____ Data for review
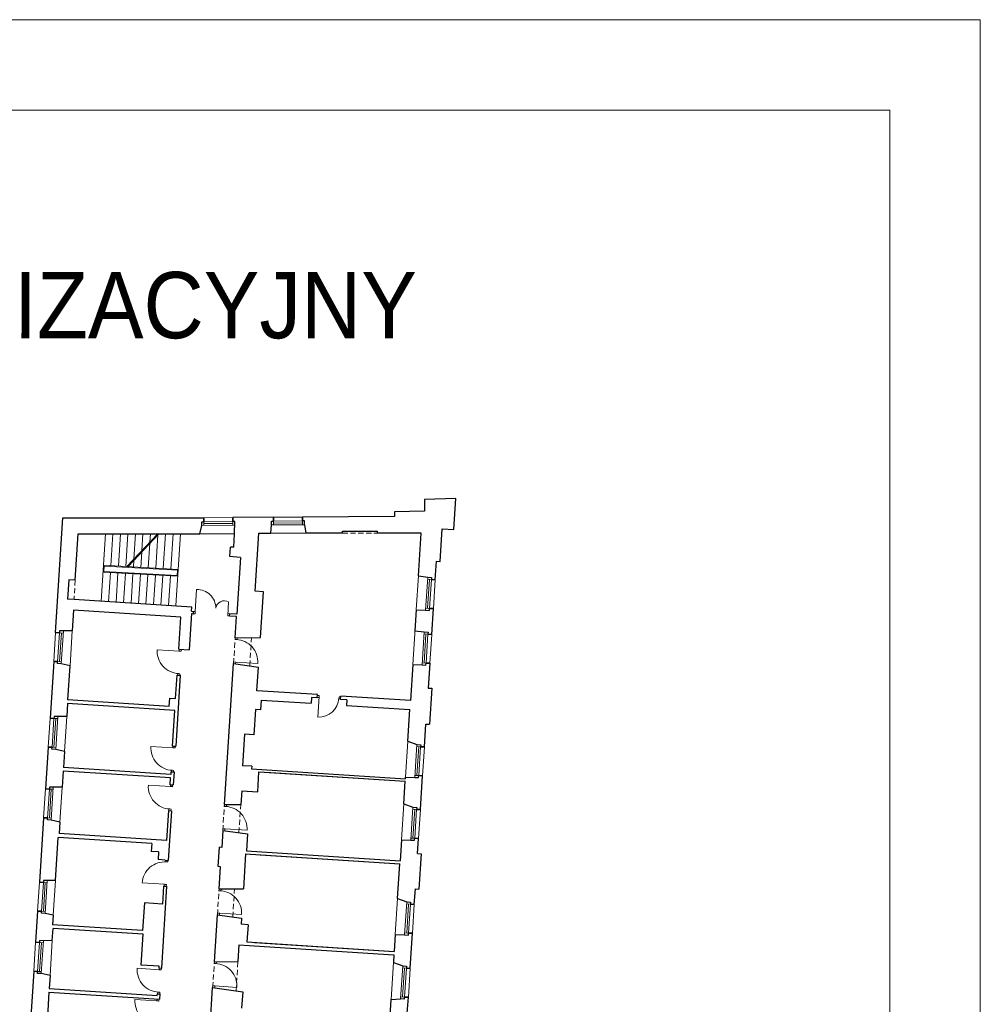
# Model space of a CAD drawing. Header units: millimetres. Extents: x 6904000 to 7075021, y 297772 to 407623.
# Tile 80 of 91: x 7043650 to 7045508, y 345718 to 347623. Entities that reach past the tile are written whole.
import ezdxf

# ---------------------------------------------------------------- set-up
doc = ezdxf.new("R2010")
doc.units = ezdxf.units.MM
doc.linetypes.add('MCS - 2 piętro - koncepcja (2026.04.17)_do wysłania$0$DASHED', pattern=[19.05, 12.7, -6.35])
for name, color, linetype, lineweight in [('MCS - 2 piętro - koncepcja (2026.04.17)_do wysłania$0$Drzwi i okna', 8, 'Continuous', 9), ('MCS - 2 piętro - koncepcja (2026.04.17)_do wysłania$0$Opis', 8, 'Continuous', 9), ('MCS - 2 piętro - koncepcja (2026.04.17)_do wysłania$0$Przekrojowa', 8, 'Continuous', 25), ('MCS - 2 piętro - koncepcja (2026.04.17)_do wysłania$0$Ramka', 8, 'Continuous', 9), ('MCS - 2 piętro - koncepcja (2026.04.17)_do wysłania$0$Widokowa', 8, 'Continuous', 9)]:
    doc.layers.add(name, color=color, linetype=linetype, lineweight=lineweight)
doc.layers.add('MCS - 2 piętro - koncepcja (2026.04.17)_do wysłania$0$Obrys powierzchni', color=8, linetype='Continuous', lineweight=9, plot=False)
doc.styles.add('MCS - 2 piętro - koncepcja (2026.04.17)_do wysłania$0$ARIELCE', font='arial.ttf', dxfattribs={"width": 0.9})

# ---------------------------------------------------------------- blocks, each defined once
blk = doc.blocks.new('MCS - 2 piętro - koncepcja (2026.04.17)_do wysłania$0$zw$2918')
at = {"layer": 'MCS - 2 piętro - koncepcja (2026.04.17)_do wysłania$0$Drzwi i okna', "color": 0}
for p, q in [((3569.7, -430.1), (3574.6, -344.7)), ((3695.7, -447.3), (3698.8, -392.9)), ((3569.1, -439.1), (3562.6, -438.7)), ((3569.7, -430.1), (3563.1, -429.7)), ((3569.7, -430.1), (3569.1, -439.1)), ((3696.2, -438.3), (3695.7, -447.3)), ((3695.7, -447.3), (3702.3, -447.7)), ((3696.2, -438.3), (3702.8, -438.7)), ((3723.9, -538.3), (3724.4, -531.7)), ((3731.9, -538.8), (3732.4, -531.6)), ((3732.9, -538.9), (3723.9, -538.3)), ((3731.9, -538.8), (3731.9, -538.8)), ((3507.5, -583.5), (3422.1, -578)), ((3506.5, -583.4), (3515.4, -584)), ((3507.9, -576.5), (3507.5, -583.5)), ((3515.4, -584), (3515.9, -576.8)), ((3718.3, -625), (3717.9, -631.5)), ((3727.3, -625.6), (3718.3, -625)), ((3725.9, -632.7), (3726.3, -625.6)), ((3726.3, -625.6), (3811.7, -631)), ((3500.9, -670.1), (3509.9, -670.7)), ((3501.9, -670.2), (3501.5, -676.2)), ((3509.9, -670.7), (3509.5, -676.4)), ((4049.1, -755.3), (4042.6, -754.9)), ((4048.9, -758.8), (4044, -838.7)), ((4048.6, -764.3), (4049.1, -755.3)), ((4125.3, -769), (4125.9, -760)), ((4125.9, -760), (4132.5, -760.4)), ((4042.2, -762.9), (4048.6, -763.3)), ((4125.4, -768), (4132, -768.4)), ((3483.3, -957.6), (3398, -952.1)), ((3483.8, -950.6), (3483.3, -957.6)), ((3491.3, -958.1), (3491.8, -950.9)), ((3482.3, -957.6), (3491.3, -958.1)), ((3476.7, -1044.3), (3485.7, -1044.9)), ((3477.7, -1044.3), (3477.3, -1050.3)), ((3485.7, -1044.9), (3485.3, -1050.6)), ((3473.5, -1107.4), (3388.1, -1101.9)), ((3473.9, -1100.4), (3473.5, -1107.4)), ((3481.4, -1107.9), (3481.9, -1100.7)), ((3472.5, -1107.3), (3481.4, -1107.9)), ((3682.3, -1184), (3682.7, -1177.4)), ((3690.2, -1184.5), (3690.7, -1177.3)), ((3466.9, -1194), (3475.9, -1194.6)), ((3467.9, -1194.1), (3467.5, -1200.1)), ((3475.9, -1194.6), (3475.5, -1200.3)), ((3691.2, -1184.6), (3682.3, -1184)), ((3690.2, -1184.5), (3690.2, -1184.5)), ((3676.7, -1270.7), (3676.3, -1277.2)), ((3685.7, -1271.3), (3676.7, -1270.7)), ((3684.2, -1278.3), (3684.7, -1271.2)), ((3684.7, -1271.2), (3770, -1276.7)), ((3454.2, -1398.8), (3463.2, -1399.3)), ((3455.2, -1398.8), (3455.6, -1392.8)), ((3463.2, -1399.3), (3463.6, -1393.3)), ((3449.9, -1485.6), (3364.5, -1480.3)), ((3448.9, -1485.5), (3457.8, -1486.1)), ((3449.4, -1492.6), (3449.9, -1485.6)), ((3457.8, -1486.1), (3457.4, -1493.1)), ((3661.2, -1510.3), (3661.7, -1503.7)), ((3670.2, -1510.9), (3661.2, -1510.3)), ((3669.2, -1510.8), (3669.6, -1504.2)), ((3669.2, -1510.8), (3669.2, -1510.8)), ((3669.6, -1504.2), (3669.6, -1504.2)), ((3655.6, -1597), (3655.2, -1603.5)), ((3664.6, -1597.6), (3655.6, -1597)), ((3663.2, -1604), (3663.6, -1597.5)), ((3663.6, -1597.5), (3748.9, -1603)), ((3642.9, -1791.7), (3643.5, -1785.1)), ((3650.9, -1792.2), (3651.4, -1785)), ((3651.3, -1785.6), (3651.3, -1785.6)), ((3430.1, -1816), (3344.8, -1810.6)), ((3429.1, -1816), (3438.1, -1816.6)), ((3430.5, -1809), (3430.1, -1816)), ((3438.1, -1816.6), (3438.5, -1809.5)), ((3651.9, -1792.3), (3642.9, -1791.7)), ((3650.9, -1792.2), (3650.9, -1792.2)), ((3423.5, -1902.7), (3432.5, -1903.3)), ((3424.5, -1902.8), (3424.1, -1908.8)), ((3432.5, -1903.3), (3432.1, -1909.3)), ((3637.4, -1878.4), (3637, -1884.9)), ((3646.4, -1879), (3637.4, -1878.4)), ((3644.9, -1886), (3645.4, -1879)), ((3645.4, -1879), (3730.7, -1884.4)), ((3421.3, -1936.7), (3336, -1931.2)), ((3420.3, -1936.7), (3429.3, -1937.3)), ((3421.8, -1929.7), (3421.3, -1936.7)), ((3429.3, -1937.3), (3429.7, -1930.2))]:
    blk.add_line(p, q, dxfattribs=at)
at = {"layer": 'MCS - 2 piętro - koncepcja (2026.04.17)_do wysłania$0$Drzwi i okna', "color": 0, "ltscale": 1.6}
for centre, radius, start, end in [((3576.9, -416.8), 72.1, 359.2141, 91.852), ((3682.4, -422.3), 33.7, 60.7354, 172.2871), ((3725.1, -625.3), 86.7, 356.2036, 87.8142), ((3508.7, -583.7), 86.7, 176.193, 267.8036), ((3484.5, -957.9), 86.7, 176.193, 267.8036), ((3474.7, -1107.6), 86.7, 176.193, 267.8036), ((3683.4, -1271), 86.7, 356.2036, 87.8142), ((3451.1, -1485.5), 86.7, 84.979, 176.5896), ((3662.4, -1597.3), 86.7, 356.2036, 87.8142), ((3431.3, -1816.3), 86.7, 176.193, 267.8036), ((3644.1, -1878.7), 86.7, 356.2036, 87.8142), ((3422.5, -1937), 86.7, 176.193, 267.8036)]:
    blk.add_arc(centre, radius, start, end, dxfattribs=at)
at = {"layer": 'MCS - 2 piętro - koncepcja (2026.04.17)_do wysłania$0$Drzwi i okna', "color": 0}
for centre, radius, start, end in [((3505.8, -661.7), 78.2, 84.6681, 87.9667), ((4126.8, -764.7), 78.2, 174.843, 178.1416), ((4047.9, -761), 77.8, 267.1102, 356.4843), ((3481.7, -1035.8), 78.2, 84.6681, 87.9667), ((3471.9, -1185.6), 78.2, 84.6681, 87.9667), ((3458.1, -1407.8), 78.2, 264.816, 268.1145), ((3428.5, -1894.2), 78.2, 84.6681, 87.9667), ((3419.7, -2014.9), 78.2, 84.6681, 87.9667)]:
    blk.add_arc(centre, radius, start, end, dxfattribs=at)
at = {"layer": 'MCS - 2 piętro - koncepcja (2026.04.17)_do wysłania$0$Przekrojowa', "color": 0, "ltscale": 1.6}
for p, q in [((4577.8, 6.7), (4456.8, 3.7)), ((4456.8, 3.7), (4456.8, -41.3)), ((4570.1, -113.3), (4577.8, 6.7)), ((3029.2, -511.4), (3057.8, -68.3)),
________
> Problem to solve
The answer must be an exact copy of the lines above, from the start of the records through the line with "blk = doc.blocks.new('MCS", and of nothing else; no pictures belong in it.

> Your response
# Model space of a CAD drawing. Header units: millimetres. Extents: x 6904000 to 7075021, y 297772 to 407623.
# Tile 80 of 91: x 7043650 to 7045508, y 345718 to 347623. Entities that reach past the tile are written whole.
import ezdxf

# ---------------------------------------------------------------- set-up
doc = ezdxf.new("R2010")
doc.units = ezdxf.units.MM
doc.linetypes.add('MCS - 2 piętro - koncepcja (2026.04.17)_do wysłania$0$DASHED', pattern=[19.05, 12.7, -6.35])
for name, color, linetype, lineweight in [('MCS - 2 piętro - koncepcja (2026.04.17)_do wysłania$0$Drzwi i okna', 8, 'Continuous', 9), ('MCS - 2 piętro - koncepcja (2026.04.17)_do wysłania$0$Opis', 8, 'Continuous', 9), ('MCS - 2 piętro - koncepcja (2026.04.17)_do wysłania$0$Przekrojowa', 8, 'Continuous', 25), ('MCS - 2 piętro - koncepcja (2026.04.17)_do wysłania$0$Ramka', 8, 'Continuous', 9), ('MCS - 2 piętro - koncepcja (2026.04.17)_do wysłania$0$Widokowa', 8, 'Continuous', 9)]:
    doc.layers.add(name, color=color, linetype=linetype, lineweight=lineweight)
doc.layers.add('MCS - 2 piętro - koncepcja (2026.04.17)_do wysłania$0$Obrys powierzchni', color=8, linetype='Continuous', lineweight=9, plot=False)
doc.styles.add('MCS - 2 piętro - koncepcja (2026.04.17)_do wysłania$0$ARIELCE', font='arial.ttf', dxfattribs={"width": 0.9})

# ---------------------------------------------------------------- blocks, each defined once
blk = doc.blocks.new('MCS - 2 piętro - koncepcja (2026.04.17)_do wysłania$0$zw$2918')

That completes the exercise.